To calculate the double integral, you can write it as an iterated integral. For example, let's say that in the region $\dlr$, the lowest value of $y$ is $a$ and the highest value of $y$ is $b$. In other words, the range of $y$ in the region $\dlr$ is $a \le y \le b$.

For a given value of $y$, the range of $x$ in $\dlr$ depends on the value of $y$. However, the region is nice enough so that the range of $x$ for any $y$ is just a simple interval. We could define two functions $h_1(y)$ and to $h_2(y)$ so that this interval in $x$ is $[h_1(y),h_2(y)]$ for each value of $y$. This description of the region $\dlr$ is shown in the following picture.

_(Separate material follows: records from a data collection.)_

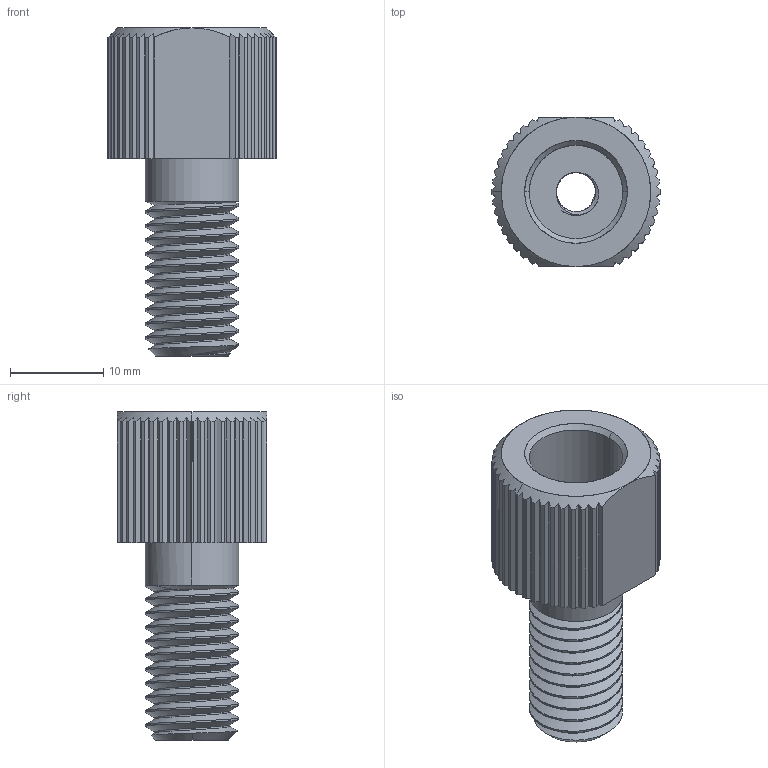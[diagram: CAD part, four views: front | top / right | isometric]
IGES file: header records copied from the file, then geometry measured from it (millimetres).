
Start section: SolidWorks IGES file using analytic representation for surfaces
Global section: file name: C:\Users\Adam\Dropbox\BR-Engineering\Models\BUTTON-X1\SWITCH-M-BOLT-10-25-A-X2.IGS; native system: SolidWorks 2014; preprocessor: SolidWorks 2014; author: Adam; date: 161024.102649; units: millimetre
Bounding box: 18 x 16 x 35.15 mm (x, y, z)
Surface area: 3196.6 mm2 (no closed solid volume)
Topology: 0 solids, 0 shells, 219 faces, 3270 edges, 3270 vertices
Faces by surface type: revolution 127, bspline 92
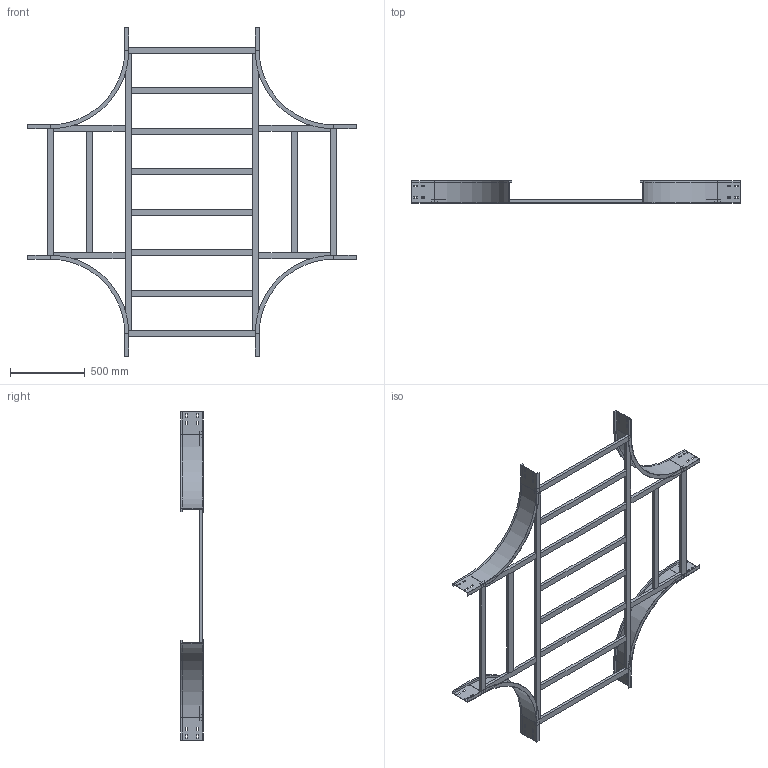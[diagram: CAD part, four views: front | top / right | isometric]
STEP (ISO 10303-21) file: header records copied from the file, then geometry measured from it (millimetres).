
FILE_DESCRIPTION (( 'STEP AP214' ), '1' );
FILE_NAME ('17J5F900.step', '2025-02-21T16:29:02', ( '' ), ( '' ), 'SwSTEP 2.0', 'SolidWorks 2023', '' );
FILE_SCHEMA (( 'AUTOMOTIVE_DESIGN' ));
Length unit declared in the file: millimetre
Products named in the file (7): TRAVERSINO_COPPIA_900; 17J5F900; TRAVERSINO_900; TRAVERSINO_LONG._R500+900; TRAVERSINO_VERT_R500; LONGH.INTERNO 90°_H150_R500; TRAVERSINO_INTERMEDIO_X_R500+900
Assembly tree (22 placements, depth 2):
  17J5F900
    LONGH.INTERNO 90°_H150_R500  x4
    TRAVERSINO_900  x4
    TRAVERSINO_LONG._R500+900  x2
    TRAVERSINO_INTERMEDIO_X_R500+900  x6
    TRAVERSINO_VERT_R500  x4
    TRAVERSINO_COPPIA_900  x2
Bounding box: 2200 x 150 x 2200 mm (x, y, z)
Volume: 15114747.2 mm3; surface area: 3615049.3 mm2
Topology: 22 solids, 22 shells, 340 faces, 824 edges, 528 vertices
Faces by surface type: plane 324, cylinder 16
Entity records: 2876 total; most frequent: CARTESIAN_POINT 461, DIRECTION 446, ORIENTED_EDGE 424, EDGE_CURVE 212, VECTOR 204, LINE 204, VERTEX_POINT 136, AXIS2_PLACEMENT_3D 121
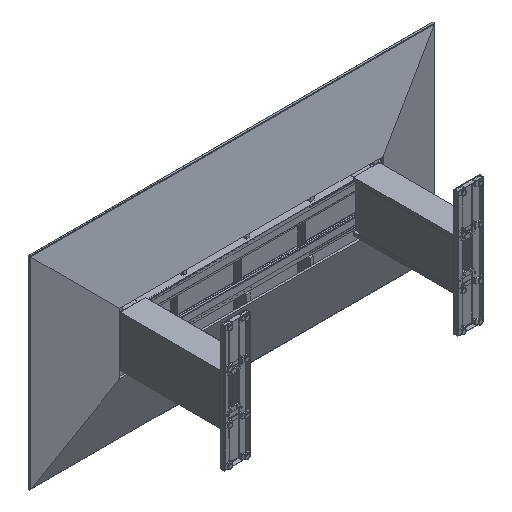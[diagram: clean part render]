
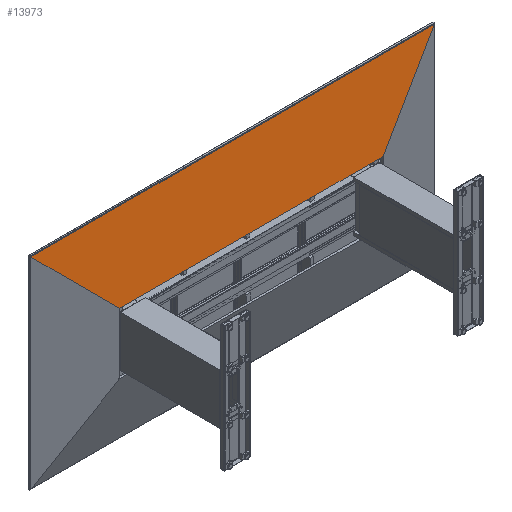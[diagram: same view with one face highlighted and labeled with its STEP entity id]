
A CAD part, isometric view. The second image highlights one B-rep face of the part: STEP entity #13973.
In plain terms, the highlighted planar face has unit normal (0, -0.966, 0.259) as drawn and (0, -1, 0) by its records, which use the part's own axes.
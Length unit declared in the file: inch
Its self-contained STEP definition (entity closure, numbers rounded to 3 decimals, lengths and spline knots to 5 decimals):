
#3720=FACE_OUTER_BOUND('',#4498,.T.);
#4498=EDGE_LOOP('',(#11922,#11923,#11924,#11925));
#5636=LINE('',#23296,#6831);
#5637=LINE('',#23299,#6832);
#5638=LINE('',#23301,#6833);
#5639=LINE('',#23302,#6834);
#6831=VECTOR('',#18710,0.3937);
#6832=VECTOR('',#18713,0.3937);
#6833=VECTOR('',#18714,0.3937);
#6834=VECTOR('',#18715,0.3937);
#7901=VERTEX_POINT('',#23288);
#7904=VERTEX_POINT('',#23294);
#7905=VERTEX_POINT('',#23298);
#7906=VERTEX_POINT('',#23300);
#9304=EDGE_CURVE('',#7901,#7904,#5636,.T.);
#9305=EDGE_CURVE('',#7905,#7901,#5637,.T.);
#9306=EDGE_CURVE('',#7906,#7904,#5638,.T.);
#9307=EDGE_CURVE('',#7906,#7905,#5639,.T.);
#11922=ORIENTED_EDGE('',*,*,#9305,.T.);
#11923=ORIENTED_EDGE('',*,*,#9304,.T.);
#11924=ORIENTED_EDGE('',*,*,#9306,.F.);
#11925=ORIENTED_EDGE('',*,*,#9307,.T.);
#13438=PLANE('',#15852);
#13973=ADVANCED_FACE('',(#3720),#13438,.F.);
#15852=AXIS2_PLACEMENT_3D('',#23297,#18711,#18712);
#18710=DIRECTION('',(0.695,0.,-0.719));
#18711=DIRECTION('center_axis',(0.,1.,0.));
#18712=DIRECTION('ref_axis',(0.,0.,1.));
#18713=DIRECTION('',(-1.,0.,0.));
#18714=DIRECTION('',(-1.,0.,0.));
#18715=DIRECTION('',(0.695,0.,0.719));
#23288=CARTESIAN_POINT('',(-23.875,0.,-0.03235));
#23294=CARTESIAN_POINT('',(-7.24403,0.,-17.25));
#23296=CARTESIAN_POINT('',(-1.65584,0.,-23.03532));
#23297=CARTESIAN_POINT('Origin',(35.9375,0.,-8.625));
#23298=CARTESIAN_POINT('',(71.875,0.,-0.03235));
#23299=CARTESIAN_POINT('',(6.03125,0.,-0.03235));
#23300=CARTESIAN_POINT('',(55.24403,0.,-17.25));
#23301=CARTESIAN_POINT('',(71.875,0.,-17.25));
#23302=CARTESIAN_POINT('',(55.41775,0.,-17.07015));

Since the region $\dlr$ is defined by \begin{gather*} a \le y \le b,\\ h_1(y) \le x \le h_2(y), \end{gather*} we can represent double integral of $f(x,y)$ over $\dlr$ as the following iterated integral, \begin{align*} \iint_\dlr f(x,y) dA = \int_a^b \left( \int_{h_1(y)}^{h_2(y)} f(x,y) dx \right) dy. \end{align*}

However, we would run into trouble if we tried to change the order of
integration so that we integrated with respect to $y$ first.
The difficulty is that the range of $y$ for some values
of $x$ is not a simple interval. For example, for the value of $x$
given by the vertical dashed line below, the range of $y$ is
**two different intervals**.

Since we cannot always write the range of $y$ as a single interval $[g_1(x),g_2(x)]$, we cannot write the integral $\iint_\dlr f(x,y)\,dA$ as a single iterated integral of the form \begin{align*} \iint_\dlr f(x,y) dA = \int_c^d \left( \int_{g_1(x)}^{g_2(x)} f(x,y) dy \right) dx. \end{align*} If we really wanted to integrate with respect to $y$ first, we'd have to break the region $\dlr$ into pieces and compute separate integrals for each piece. We'll leave that procedure to your imagination.